[Records from a dataset]
================================

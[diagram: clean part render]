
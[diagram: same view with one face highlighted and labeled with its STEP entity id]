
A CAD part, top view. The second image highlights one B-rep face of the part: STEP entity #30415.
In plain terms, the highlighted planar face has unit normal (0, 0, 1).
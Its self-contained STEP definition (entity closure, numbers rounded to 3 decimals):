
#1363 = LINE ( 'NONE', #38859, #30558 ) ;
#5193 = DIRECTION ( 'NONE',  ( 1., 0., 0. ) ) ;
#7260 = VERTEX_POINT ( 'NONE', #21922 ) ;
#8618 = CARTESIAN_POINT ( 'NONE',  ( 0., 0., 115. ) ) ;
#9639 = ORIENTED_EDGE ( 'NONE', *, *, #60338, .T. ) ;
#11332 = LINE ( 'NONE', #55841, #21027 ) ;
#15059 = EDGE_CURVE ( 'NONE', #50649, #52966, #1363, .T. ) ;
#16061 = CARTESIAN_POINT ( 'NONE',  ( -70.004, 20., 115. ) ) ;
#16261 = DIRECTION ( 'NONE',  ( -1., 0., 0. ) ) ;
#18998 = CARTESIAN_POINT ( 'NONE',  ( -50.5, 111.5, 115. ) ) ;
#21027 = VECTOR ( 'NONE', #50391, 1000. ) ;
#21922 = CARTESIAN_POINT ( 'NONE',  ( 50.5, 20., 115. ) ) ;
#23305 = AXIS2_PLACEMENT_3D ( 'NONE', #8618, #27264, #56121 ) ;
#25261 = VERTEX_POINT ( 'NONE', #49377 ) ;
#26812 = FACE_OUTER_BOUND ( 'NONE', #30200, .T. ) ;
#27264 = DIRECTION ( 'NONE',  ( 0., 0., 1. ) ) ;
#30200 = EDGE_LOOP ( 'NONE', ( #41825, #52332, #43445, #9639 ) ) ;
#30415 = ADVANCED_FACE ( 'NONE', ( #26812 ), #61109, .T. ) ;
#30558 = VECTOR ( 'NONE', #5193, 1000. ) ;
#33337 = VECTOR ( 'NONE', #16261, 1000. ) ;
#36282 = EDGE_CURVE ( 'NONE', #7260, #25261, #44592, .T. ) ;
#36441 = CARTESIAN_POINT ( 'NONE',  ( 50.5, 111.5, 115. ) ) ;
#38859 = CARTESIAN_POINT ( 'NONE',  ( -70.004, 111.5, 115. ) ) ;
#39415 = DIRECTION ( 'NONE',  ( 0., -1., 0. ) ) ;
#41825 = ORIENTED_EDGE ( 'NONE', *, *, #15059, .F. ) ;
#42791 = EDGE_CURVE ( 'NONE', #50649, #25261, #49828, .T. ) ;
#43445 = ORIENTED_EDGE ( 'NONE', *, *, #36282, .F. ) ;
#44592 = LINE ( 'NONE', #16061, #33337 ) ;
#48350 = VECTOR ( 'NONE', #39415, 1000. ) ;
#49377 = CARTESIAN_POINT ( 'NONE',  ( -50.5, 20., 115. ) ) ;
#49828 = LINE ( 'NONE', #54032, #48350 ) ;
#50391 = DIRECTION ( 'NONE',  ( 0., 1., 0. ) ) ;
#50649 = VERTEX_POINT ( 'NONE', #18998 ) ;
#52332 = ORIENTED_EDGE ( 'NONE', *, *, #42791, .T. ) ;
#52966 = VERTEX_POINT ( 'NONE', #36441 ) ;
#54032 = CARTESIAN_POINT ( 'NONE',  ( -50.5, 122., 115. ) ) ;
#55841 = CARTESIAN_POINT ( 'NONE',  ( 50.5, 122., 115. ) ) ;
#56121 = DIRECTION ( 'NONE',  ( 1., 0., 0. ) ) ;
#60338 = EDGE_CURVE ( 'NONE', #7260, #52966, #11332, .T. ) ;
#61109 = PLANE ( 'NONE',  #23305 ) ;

================================

» AIM OF THE EXERCISE
Copy down the whole of the data above, matching it exactly.

» EXPECTED ANSWER
[diagram: clean part render]
[diagram: same view with one face highlighted and labeled with its STEP entity id]
A CAD part, top view. The second image highlights one B-rep face of the part: STEP entity #30415.
In plain terms, the highlighted planar face has unit normal (0, 0, 1).
Its self-contained STEP definition (entity closure, numbers rounded to 3 decimals):
#1363 = LINE ( 'NONE', #38859, #30558 ) ;
#5193 = DIRECTION ( 'NONE',  ( 1., 0., 0. ) ) ;
#7260 = VERTEX_POINT ( 'NONE', #21922 ) ;
#8618 = CARTESIAN_POINT ( 'NONE',  ( 0., 0., 115. ) ) ;
#9639 = ORIENTED_EDGE ( 'NONE', *, *, #60338, .T. ) ;
#11332 = LINE ( 'NONE', #55841, #21027 ) ;
#15059 = EDGE_CURVE ( 'NONE', #50649, #52966, #1363, .T. ) ;
#16061 = CARTESIAN_POINT ( 'NONE',  ( -70.004, 20., 115. ) ) ;
#16261 = DIRECTION ( 'NONE',  ( -1., 0., 0. ) ) ;
#18998 = CARTESIAN_POINT ( 'NONE',  ( -50.5, 111.5, 115. ) ) ;
#21027 = VECTOR ( 'NONE', #50391, 1000. ) ;
#21922 = CARTESIAN_POINT ( 'NONE',  ( 50.5, 20., 115. ) ) ;
#23305 = AXIS2_PLACEMENT_3D ( 'NONE', #8618, #27264, #56121 ) ;
#25261 = VERTEX_POINT ( 'NONE', #49377 ) ;
#26812 = FACE_OUTER_BOUND ( 'NONE', #30200, .T. ) ;
#27264 = DIRECTION ( 'NONE',  ( 0., 0., 1. ) ) ;
#30200 = EDGE_LOOP ( 'NONE', ( #41825, #52332, #43445, #9639 ) ) ;
#30415 = ADVANCED_FACE ( 'NONE', ( #26812 ), #61109, .T. ) ;
#30558 = VECTOR ( 'NONE', #5193, 1000. ) ;
#33337 = VECTOR ( 'NONE', #16261, 1000. ) ;
#36282 = EDGE_CURVE ( 'NONE', #7260, #25261, #44592, .T. ) ;
#36441 = CARTESIAN_POINT ( 'NONE',  ( 50.5, 111.5, 115. ) ) ;
#38859 = CARTESIAN_POINT ( 'NONE',  ( -70.004, 111.5, 115. ) ) ;
#39415 = DIRECTION ( 'NONE',  ( 0., -1., 0. ) ) ;
#41825 = ORIENTED_EDGE ( 'NONE', *, *, #15059, .F. ) ;
#42791 = EDGE_CURVE ( 'NONE', #50649, #25261, #49828, .T. ) ;
#43445 = ORIENTED_EDGE ( 'NONE', *, *, #36282, .F. ) ;
#44592 = LINE ( 'NONE', #16061, #33337 ) ;
#48350 = VECTOR ( 'NONE', #39415, 1000. ) ;
#49377 = CARTESIAN_POINT ( 'NONE',  ( -50.5, 20., 115. ) ) ;
#49828 = LINE ( 'NONE', #54032, #48350 ) ;
#50391 = DIRECTION ( 'NONE',  ( 0., 1., 0. ) ) ;
#50649 = VERTEX_POINT ( 'NONE', #18998 ) ;
#52332 = ORIENTED_EDGE ( 'NONE', *, *, #42791, .T. ) ;
#52966 = VERTEX_POINT ( 'NONE', #36441 ) ;
#54032 = CARTESIAN_POINT ( 'NONE',  ( -50.5, 122., 115. ) ) ;
#55841 = CARTESIAN_POINT ( 'NONE',  ( 50.5, 122., 115. ) ) ;
#56121 = DIRECTION ( 'NONE',  ( 1., 0., 0. ) ) ;
#60338 = EDGE_CURVE ( 'NONE', #7260, #52966, #11332, .T. ) ;
#61109 = PLANE ( 'NONE',  #23305 ) ;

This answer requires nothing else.